I have an unusual problem - as a teenager I wrote some embarassing posts asking for help with kernel compilation on the FreeBSD mailing list. I was stupid enough to sign it with my real name and now people make jokes about it in my work.  :r  I really have enough of it. I succesfully removed the posts from mailing list mirrors on the web, but they periodicaly copy everything from the main list hosted by FreeBSD. So the only way is to delete it from here. I tried to contact kuriyama@FreeBSD.org asking for help with no response. 

Do you have any ideas how to remove my personal info?


----------



## worldi (Jan 14, 2014)

Removing such data from the Internet is not possible. There are thousands of people who received copies of your posts and every single one of them might set up a new mailing list mirror at any time.

The real problem is not that you've posted something to a mailing list but that your coworkers are idiots.


----------



## bbrock (Jan 14, 2014)

I understand that it might be never possible to delete it from everyone. But I believe it is possible to 1) remove the source info 2) ask people to remove the copies. I succeeded with 2), there are currently only a couple of mirrors on the google left. The problem is 1) . And it is not very likely that someone will suddenly dig up the old hdd and put some messages from 2000 on the web. So I am willing to take a risk.

And yes, I know that my coworkers are idiots, but I generally like my job and don*'*t want to change it.

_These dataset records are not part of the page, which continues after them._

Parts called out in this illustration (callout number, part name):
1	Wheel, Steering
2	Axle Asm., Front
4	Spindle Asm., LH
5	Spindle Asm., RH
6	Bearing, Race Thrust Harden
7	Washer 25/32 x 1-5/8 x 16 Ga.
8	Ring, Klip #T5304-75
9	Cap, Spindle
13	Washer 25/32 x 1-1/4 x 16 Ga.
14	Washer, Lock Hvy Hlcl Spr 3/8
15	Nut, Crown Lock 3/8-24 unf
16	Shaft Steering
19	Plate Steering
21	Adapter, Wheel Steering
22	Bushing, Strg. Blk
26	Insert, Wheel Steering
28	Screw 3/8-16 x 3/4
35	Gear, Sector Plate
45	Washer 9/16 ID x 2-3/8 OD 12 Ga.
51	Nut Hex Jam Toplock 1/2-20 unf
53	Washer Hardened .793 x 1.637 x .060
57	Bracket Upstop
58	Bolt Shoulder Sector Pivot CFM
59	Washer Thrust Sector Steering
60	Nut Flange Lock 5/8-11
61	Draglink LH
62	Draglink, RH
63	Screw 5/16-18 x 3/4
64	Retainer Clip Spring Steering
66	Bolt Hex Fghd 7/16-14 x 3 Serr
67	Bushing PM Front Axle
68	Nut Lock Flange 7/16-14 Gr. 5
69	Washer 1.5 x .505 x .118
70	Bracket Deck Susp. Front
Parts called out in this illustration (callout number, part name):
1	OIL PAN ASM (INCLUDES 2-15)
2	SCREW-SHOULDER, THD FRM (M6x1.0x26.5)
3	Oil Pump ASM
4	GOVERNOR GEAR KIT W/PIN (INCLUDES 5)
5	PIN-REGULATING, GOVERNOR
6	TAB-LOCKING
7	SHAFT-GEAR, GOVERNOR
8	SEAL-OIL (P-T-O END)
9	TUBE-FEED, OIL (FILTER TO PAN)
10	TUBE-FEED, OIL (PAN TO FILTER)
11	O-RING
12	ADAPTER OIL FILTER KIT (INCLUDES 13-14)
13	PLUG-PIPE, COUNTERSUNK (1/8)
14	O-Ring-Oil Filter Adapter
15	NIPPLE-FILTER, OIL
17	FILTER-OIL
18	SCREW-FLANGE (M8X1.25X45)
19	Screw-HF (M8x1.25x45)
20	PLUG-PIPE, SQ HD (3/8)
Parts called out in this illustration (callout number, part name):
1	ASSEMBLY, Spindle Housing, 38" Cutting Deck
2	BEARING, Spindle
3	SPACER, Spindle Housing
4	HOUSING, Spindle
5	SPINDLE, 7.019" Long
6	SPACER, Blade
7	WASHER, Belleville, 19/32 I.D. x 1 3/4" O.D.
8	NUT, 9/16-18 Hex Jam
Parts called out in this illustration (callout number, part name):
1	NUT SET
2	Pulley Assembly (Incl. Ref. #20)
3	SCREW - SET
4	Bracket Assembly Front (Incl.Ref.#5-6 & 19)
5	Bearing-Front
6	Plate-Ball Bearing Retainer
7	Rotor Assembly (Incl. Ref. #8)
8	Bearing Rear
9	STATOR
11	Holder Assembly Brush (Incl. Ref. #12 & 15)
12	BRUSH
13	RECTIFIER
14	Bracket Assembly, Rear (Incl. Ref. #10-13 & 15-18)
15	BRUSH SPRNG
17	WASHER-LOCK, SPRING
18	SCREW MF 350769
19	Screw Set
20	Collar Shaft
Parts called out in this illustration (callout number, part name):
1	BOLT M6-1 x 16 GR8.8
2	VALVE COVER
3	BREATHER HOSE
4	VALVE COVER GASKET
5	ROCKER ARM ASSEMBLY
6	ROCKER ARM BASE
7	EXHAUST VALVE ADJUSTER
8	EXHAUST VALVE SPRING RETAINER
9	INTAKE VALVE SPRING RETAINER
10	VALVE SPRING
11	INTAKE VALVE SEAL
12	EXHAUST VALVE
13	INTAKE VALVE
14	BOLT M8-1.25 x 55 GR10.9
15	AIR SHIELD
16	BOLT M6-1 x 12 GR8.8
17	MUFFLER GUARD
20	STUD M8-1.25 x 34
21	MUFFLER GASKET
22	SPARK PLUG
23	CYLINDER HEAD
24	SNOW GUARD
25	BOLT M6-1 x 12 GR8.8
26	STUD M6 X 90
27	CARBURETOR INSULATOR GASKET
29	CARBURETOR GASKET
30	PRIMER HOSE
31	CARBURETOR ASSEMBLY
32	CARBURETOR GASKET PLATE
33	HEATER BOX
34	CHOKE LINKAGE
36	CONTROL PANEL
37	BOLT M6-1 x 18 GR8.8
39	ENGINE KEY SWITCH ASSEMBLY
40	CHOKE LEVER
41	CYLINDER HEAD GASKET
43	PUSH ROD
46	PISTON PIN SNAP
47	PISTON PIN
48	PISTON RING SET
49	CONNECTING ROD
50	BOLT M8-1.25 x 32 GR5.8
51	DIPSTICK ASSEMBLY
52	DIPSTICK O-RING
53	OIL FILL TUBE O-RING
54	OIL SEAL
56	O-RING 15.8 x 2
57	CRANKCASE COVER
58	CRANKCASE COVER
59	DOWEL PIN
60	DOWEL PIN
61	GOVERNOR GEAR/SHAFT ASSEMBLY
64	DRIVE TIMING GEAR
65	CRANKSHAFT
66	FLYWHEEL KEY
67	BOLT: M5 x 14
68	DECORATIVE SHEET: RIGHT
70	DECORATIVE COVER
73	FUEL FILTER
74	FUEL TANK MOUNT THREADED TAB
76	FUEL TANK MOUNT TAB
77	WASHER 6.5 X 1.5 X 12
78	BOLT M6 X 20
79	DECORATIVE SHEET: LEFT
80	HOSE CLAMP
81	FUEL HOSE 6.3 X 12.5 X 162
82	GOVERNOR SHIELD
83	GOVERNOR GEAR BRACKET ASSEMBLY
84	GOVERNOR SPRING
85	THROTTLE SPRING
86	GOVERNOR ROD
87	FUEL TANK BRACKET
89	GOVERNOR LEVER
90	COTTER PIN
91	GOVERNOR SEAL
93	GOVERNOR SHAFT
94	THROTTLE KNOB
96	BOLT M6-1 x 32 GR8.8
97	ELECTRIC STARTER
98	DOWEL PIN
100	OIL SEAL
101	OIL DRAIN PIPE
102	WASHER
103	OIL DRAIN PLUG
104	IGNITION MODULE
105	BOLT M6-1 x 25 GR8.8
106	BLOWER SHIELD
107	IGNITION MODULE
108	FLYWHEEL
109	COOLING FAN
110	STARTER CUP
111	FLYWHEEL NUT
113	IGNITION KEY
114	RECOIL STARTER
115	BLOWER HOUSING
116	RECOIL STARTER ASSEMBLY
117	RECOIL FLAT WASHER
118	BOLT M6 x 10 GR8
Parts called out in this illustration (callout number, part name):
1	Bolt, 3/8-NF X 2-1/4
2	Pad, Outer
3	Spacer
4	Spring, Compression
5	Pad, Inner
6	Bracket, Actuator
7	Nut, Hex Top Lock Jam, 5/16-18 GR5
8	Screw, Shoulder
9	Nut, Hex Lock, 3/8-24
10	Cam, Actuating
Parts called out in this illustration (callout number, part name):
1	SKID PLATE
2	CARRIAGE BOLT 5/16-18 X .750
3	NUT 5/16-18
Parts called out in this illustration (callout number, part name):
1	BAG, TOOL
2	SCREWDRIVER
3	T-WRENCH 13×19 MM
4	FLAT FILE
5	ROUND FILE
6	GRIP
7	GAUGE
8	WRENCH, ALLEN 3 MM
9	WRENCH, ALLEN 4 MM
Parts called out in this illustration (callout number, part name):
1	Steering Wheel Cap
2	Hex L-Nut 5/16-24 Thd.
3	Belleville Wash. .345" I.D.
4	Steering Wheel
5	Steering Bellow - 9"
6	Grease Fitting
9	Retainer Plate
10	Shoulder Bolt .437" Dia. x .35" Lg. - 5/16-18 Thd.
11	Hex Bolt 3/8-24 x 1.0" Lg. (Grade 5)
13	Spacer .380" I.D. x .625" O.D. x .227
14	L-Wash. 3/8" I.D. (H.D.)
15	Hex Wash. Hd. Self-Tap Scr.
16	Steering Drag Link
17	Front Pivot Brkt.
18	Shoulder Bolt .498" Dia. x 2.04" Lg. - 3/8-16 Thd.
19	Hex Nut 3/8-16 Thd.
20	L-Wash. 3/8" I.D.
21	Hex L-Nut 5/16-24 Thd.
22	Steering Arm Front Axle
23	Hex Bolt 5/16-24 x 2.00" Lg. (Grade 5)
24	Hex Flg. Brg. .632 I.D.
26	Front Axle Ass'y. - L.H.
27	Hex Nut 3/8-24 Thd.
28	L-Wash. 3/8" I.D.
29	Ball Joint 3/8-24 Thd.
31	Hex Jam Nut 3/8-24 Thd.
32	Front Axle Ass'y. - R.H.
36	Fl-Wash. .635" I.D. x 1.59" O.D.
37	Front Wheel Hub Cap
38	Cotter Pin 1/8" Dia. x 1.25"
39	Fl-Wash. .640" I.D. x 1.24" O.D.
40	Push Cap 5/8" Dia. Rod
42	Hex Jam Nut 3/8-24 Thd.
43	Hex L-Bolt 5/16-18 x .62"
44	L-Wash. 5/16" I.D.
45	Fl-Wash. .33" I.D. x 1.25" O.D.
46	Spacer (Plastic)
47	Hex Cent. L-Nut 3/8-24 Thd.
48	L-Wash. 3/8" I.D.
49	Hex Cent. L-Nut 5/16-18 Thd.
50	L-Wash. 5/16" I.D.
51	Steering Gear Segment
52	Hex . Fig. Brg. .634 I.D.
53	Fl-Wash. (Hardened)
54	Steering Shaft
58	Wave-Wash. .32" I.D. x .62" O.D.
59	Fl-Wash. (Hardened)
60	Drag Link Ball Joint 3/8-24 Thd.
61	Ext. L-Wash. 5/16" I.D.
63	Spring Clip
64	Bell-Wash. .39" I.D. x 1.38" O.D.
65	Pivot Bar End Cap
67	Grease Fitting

Anyone know how to effectively reach FreeBSD mailing list admins?


----------



## ShelLuser (Jan 14, 2014)

Sorry if I'm side-tracking the thread a bit (not my sole intention) but I don't understand the problem. I mean; hasn't the damage already been done? Your co-workers already know about those posts, they're already teasing you, so I don't understand how removing that information is going to change things.

In fact; I think you should reconsider. Think about it: if those guys are really the "teenager-minded" people you claim them to be, then going over all this trouble to make this work is most likely only going to fuel their efforts even more. I can picture it now:



			
				ShelLuser's imagination said:
			
		

> Ah, so you removed your stuff from the Innernets eh? Welcome to the age of backups! Guys, you got to read this! You know what? I'll mail this copy to the whole department; they'll have a blast!


_That_ is a serious risk here in my opinion, because by going through all this trouble you're basically admitting to them that you're affected by their childish behaviour. And that is usually just the signal some of those immature people need.

Just my 2 cents.


----------



## SirDice (Jan 15, 2014)

Whenever I've made a stupid post (and believe me after being on the internet for more than a decade I've had quite a few) I try to "bury" it with lots of other good posts. If the good posts outnumber the stupid ones it'll be much harder to find and it won't be so likely it'll come on top of a Google search.


----------



## zspider (Jan 24, 2014)

Better just to leave it alone, you'll just make it harder on yourself if they figure out it bothers you. Reminds me of what my friend said when stupid kids were flinging carrots at us in the high school common and one landed in between us.


----------



## nanotek (Jan 24, 2014)

You may have some legal grounds to demand removal of your posts under IP laws.


----------